Collected data
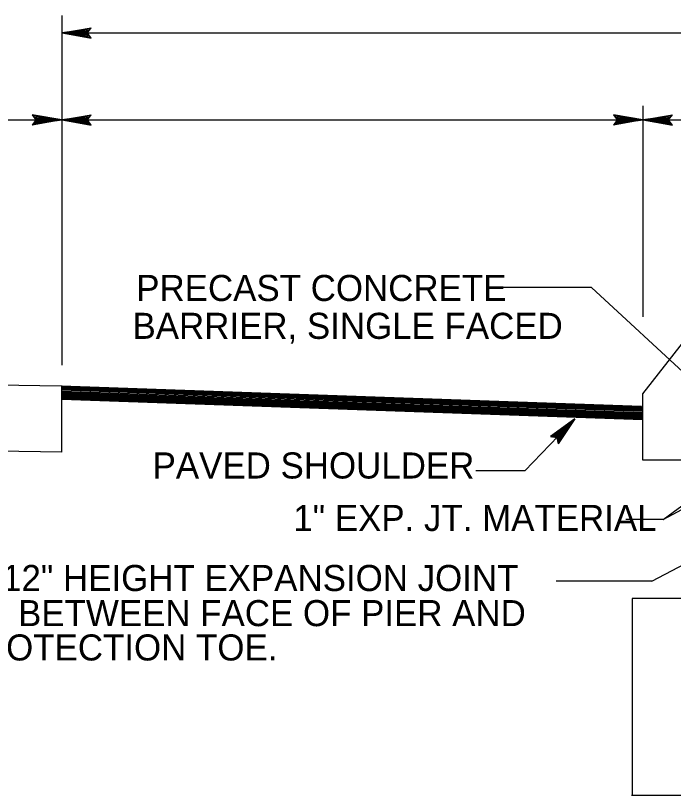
# Model space of a CAD drawing. Extents: x 1553195 to 1553792, y 810516 to 810787.
# Drawn here: x 1553752.03 to 1553765.27, y 810725.5 to 810741.19 of the extents above; entities that cross this region are included whole.
import ezdxf

# ---------------------------------------------------------------- set-up
doc = ezdxf.new("R2010")
doc.units = 0
doc.layers.add('Old_Level_28', color=7, linetype='Continuous')

msp = doc.modelspace()

# ---------------------------------------------------------------- linework, layer by layer
at = {"layer": 'Old_Level_28'}
for p, q in [((1553752.957, 810741.194), (1553752.957, 810734.157)), ((1553752.957, 810740.846), (1553753.552, 810740.948)), ((1553752.957, 810740.846), (1553753.539, 810740.933)), ((1553753.53, 810740.92), (1553752.957, 810740.846)), ((1553752.957, 810740.846), (1553753.519, 810740.904)), ((1553753.477, 810740.846), (1553753.552, 810740.948)), ((1553753.508, 810740.888), (1553752.957, 810740.846)), ((1553752.957, 810740.846), (1553753.497, 810740.875)), ((1553753.486, 810740.859), (1553752.957, 810740.846)), ((1553752.957, 810740.846), (1553767.332, 810740.846)), ((1553752.957, 810740.846), (1553753.552, 810740.739)), ((1553753.539, 810740.754), (1553752.957, 810740.846)), ((1553752.957, 810740.846), (1553753.53, 810740.768)), ((1553753.519, 810740.784), (1553752.957, 810740.846)), ((1553752.957, 810740.846), (1553753.508, 810740.799)), ((1553753.497, 810740.813), (1553752.957, 810740.846)), ((1553752.957, 810740.846), (1553753.486, 810740.828)), ((1553753.477, 810740.846), (1553752.957, 810740.846)), ((1553753.552, 810740.739), (1553753.477, 810740.846)), ((1553764.653, 810739.379), (1553764.653, 810735.13)), ((1553752.957, 810739.095), (1553752.363, 810739.197)), ((1553752.363, 810739.197), (1553752.439, 810739.095)), ((1553752.373, 810739.181), (1553752.957, 810739.095)), ((1553752.957, 810739.095), (1553753.552, 810739.197)), ((1553752.957, 810739.095), (1553753.539, 810739.181)), ((1553753.477, 810739.095), (1553753.552, 810739.197)), ((1553764.653, 810739.095), (1553764.059, 810739.197)), ((1553764.059, 810739.197), (1553764.135, 810739.095)), ((1553764.068, 810739.181), (1553764.653, 810739.095)), ((1553764.653, 810739.095), (1553765.248, 810739.197)), ((1553764.653, 810739.095), (1553765.234, 810739.181)), ((1553765.172, 810739.095), (1553765.248, 810739.197)), ((1553746.957, 810739.095), (1553752.957, 810739.095)), ((1553752.957, 810739.095), (1553752.363, 810738.988)), ((1553752.439, 810739.095), (1553752.363, 810738.988)), ((1553752.957, 810739.095), (1553752.373, 810739.004)), ((1553752.957, 810739.095), (1553752.383, 810739.168)), ((1553752.383, 810739.017), (1553752.957, 810739.095)), ((1553752.397, 810739.152), (1553752.957, 810739.095)), ((1553752.957, 810739.095), (1553752.397, 810739.032)), ((1553752.957, 810739.095), (1553752.406, 810739.137)), ((1553752.406, 810739.048), (1553752.957, 810739.095)), ((1553752.419, 810739.123), (1553752.957, 810739.095)), ((1553752.957, 810739.095), (1553752.419, 810739.061)), ((1553752.957, 810739.095), (1553752.43, 810739.108)), ((1553752.43, 810739.077), (1553752.957, 810739.095)), ((1553752.439, 810739.095), (1553752.957, 810739.095)), ((1553753.53, 810739.168), (1553752.957, 810739.095)), ((1553752.957, 810739.095), (1553753.519, 810739.152)), ((1553753.508, 810739.137), (1553752.957, 810739.095)), ((1553752.957, 810739.095), (1553753.497, 810739.123)), ((1553753.486, 810739.108), (1553752.957, 810739.095)), ((1553752.957, 810739.095), (1553764.653, 810739.095)), ((1553752.957, 810739.095), (1553753.552, 810738.988)), ((1553753.539, 810739.004), (1553752.957, 810739.095)), ((1553752.957, 810739.095), (1553753.53, 810739.017)), ((1553753.519, 810739.032), (1553752.957, 810739.095)), ((1553752.957, 810739.095), (1553753.508, 810739.048)), ((1553753.497, 810739.061), (1553752.957, 810739.095)), ((1553752.957, 810739.095), (1553753.486, 810739.077)), ((1553753.477, 810739.095), (1553752.957, 810739.095)), ((1553753.552, 810738.988), (1553753.477, 810739.095)), ((1553764.653, 810739.095), (1553764.059, 810738.988)), ((1553764.135, 810739.095), (1553764.059, 810738.988)), ((1553764.653, 810739.095), (1553764.068, 810739.004)), ((1553764.653, 810739.095), (1553764.079, 810739.168)), ((1553764.079, 810739.017), (1553764.653, 810739.095)), ((1553764.093, 810739.152), (1553764.653, 810739.095)), ((1553764.653, 810739.095), (1553764.093, 810739.032)), ((1553764.653, 810739.095), (1553764.101, 810739.137)), ((1553764.101, 810739.048), (1553764.653, 810739.095)), ((1553764.115, 810739.123), (1553764.653, 810739.095)), ((1553764.653, 810739.095), (1553764.115, 810739.061)), ((1553764.653, 810739.095), (1553764.126, 810739.108)), ((1553764.126, 810739.077), (1553764.653, 810739.095)), ((1553764.135, 810739.095), (1553764.653, 810739.095)), ((1553765.226, 810739.168), (1553764.653, 810739.095)), ((1553764.653, 810739.095), (1553765.214, 810739.152)), ((1553765.204, 810739.137), (1553764.653, 810739.095)), ((1553764.653, 810739.095), (1553765.192, 810739.123)), ((1553765.181, 810739.108), (1553764.653, 810739.095)), ((1553764.653, 810739.095), (1553765.248, 810738.988)), ((1553765.234, 810739.004), (1553764.653, 810739.095)), ((1553764.653, 810739.095), (1553765.226, 810739.017)), ((1553765.214, 810739.032), (1553764.653, 810739.095)), ((1553764.653, 810739.095), (1553765.204, 810739.048)), ((1553765.192, 810739.061), (1553764.653, 810739.095)), ((1553764.653, 810739.095), (1553765.181, 810739.077)), ((1553765.172, 810739.095), (1553764.653, 810739.095)), ((1553764.653, 810739.095), (1553767.332, 810739.095)), ((1553765.248, 810738.988), (1553765.172, 810739.095)), ((1553763.619, 810735.72), (1553761.693, 810735.72)), ((1553763.619, 810735.72), (1553765.799, 810733.706)), ((1553764.653, 810733.581), (1553765.477, 810734.634)), ((1553746.957, 810733.85), (1553752.95, 810733.739)), ((1553752.95, 810733.739), (1553764.626, 810733.33)), ((1553752.957, 810732.408), (1553752.957, 810733.748)), ((1553752.957, 810733.731), (1553764.65, 810733.321)), ((1553752.957, 810733.717), (1553764.65, 810733.311)), ((1553752.957, 810733.702), (1553764.65, 810733.295)), ((1553752.957, 810733.688), (1553764.65, 810733.281)), ((1553752.957, 810733.672), (1553764.65, 810733.263)), ((1553752.957, 810733.659), (1553764.65, 810733.248)), ((1553752.957, 810733.637), (1553764.65, 810733.23)), ((1553752.957, 810733.617), (1553764.65, 810733.208)), ((1553752.957, 810733.597), (1553764.65, 810733.19)), ((1553752.957, 810733.577), (1553764.65, 810733.168)), ((1553752.957, 810733.561), (1553764.65, 810733.152)), ((1553752.957, 810733.542), (1553764.65, 810733.13)), ((1553752.957, 810733.523), (1553764.65, 810733.115)), ((1553764.653, 810732.243), (1553764.653, 810733.581)), ((1553752.957, 810733.513), (1553764.65, 810733.103)), ((1553752.957, 810733.499), (1553764.65, 810733.09)), ((1553752.957, 810733.488), (1553764.65, 810733.077)), ((1553752.957, 810733.477), (1553764.65, 810733.07)), ((1553752.957, 810733.47), (1553764.65, 810733.061)), ((1553762.276, 810732.033), (1553763.287, 810733.075)), ((1553763.287, 810733.075), (1553762.796, 810732.722)), ((1553762.816, 810732.718), (1553763.287, 810733.075)), ((1553763.287, 810733.075), (1553762.834, 810732.716)), ((1553762.85, 810732.713), (1553763.287, 810733.075)), ((1553763.287, 810733.075), (1553762.87, 810732.713)), ((1553762.887, 810732.709), (1553763.287, 810733.075)), ((1553763.287, 810733.075), (1553762.907, 810732.709)), ((1553762.925, 810732.702), (1553763.287, 810733.075)), ((1553762.927, 810732.684), (1553763.287, 810733.075)), ((1553763.287, 810733.075), (1553762.934, 810732.669)), ((1553762.936, 810732.648), (1553763.287, 810733.075)), ((1553763.287, 810733.075), (1553762.939, 810732.631)), ((1553762.94, 810732.611), (1553763.287, 810733.075)), ((1553763.287, 810733.075), (1553762.947, 810732.575)), ((1553763.287, 810733.075), (1553762.947, 810732.593)), ((1553762.796, 810732.722), (1553762.925, 810732.702)), ((1553762.925, 810732.702), (1553762.947, 810732.575)), ((1553746.968, 810732.522), (1553752.959, 810732.41)), ((1553765.059, 810731.054), (1553767.332, 810732.27)), ((1553766.661, 810732.243), (1553764.653, 810732.243)), ((1553765.059, 810731.054), (1553766.679, 810732.23)), ((1553762.276, 810732.033), (1553761.294, 810732.033)), ((1553765.059, 810731.054), (1553764.308, 810731.054)), ((1553764.837, 810729.808), (1553767.295, 810731.123)), ((1553764.837, 810729.808), (1553762.91, 810729.808)), ((1553767.332, 810729.461), (1553764.435, 810729.461)), ((1553764.435, 810729.461), (1553764.435, 810725.499)), ((1553774.248, 810725.497), (1553764.422, 810725.497))]:
    msp.add_line(p, q, dxfattribs=at)

# ---------------------------------------------------------------- texts
for s, p in [('PRECAST CONCRETE', (1553754.458, 810735.449)), ('BARRIER, SINGLE FACED', (1553754.382, 810734.687)), ('PAVED SHOULDER', (1553754.787, 810731.876)), ('1" EXP. JT. MATERIAL', (1553757.619, 810730.819)), ('MINIMUM 12" HEIGHT EXPANSION JOINT', (1553748.405, 810729.611)), ('MATERIAL BETWEEN FACE OF PIER AND', (1553748.374, 810728.904)), ('SLOPE PROTECTION TOE.', (1553748.328, 810728.213))]:
    msp.add_text(s, height=0.52493, dxfattribs=at).set_placement(p)

doc.saveas('drawing.dxf')

▸ **EXERCISE BRIEF**
Search the records for the word "dxfattribs". Copy every line that has it.

▸ **RESULT OF THE EXERCISE**
    msp.add_line(p, q, dxfattribs=at)
    msp.add_text(s, height=0.52493, dxfattribs=at).set_placement(p)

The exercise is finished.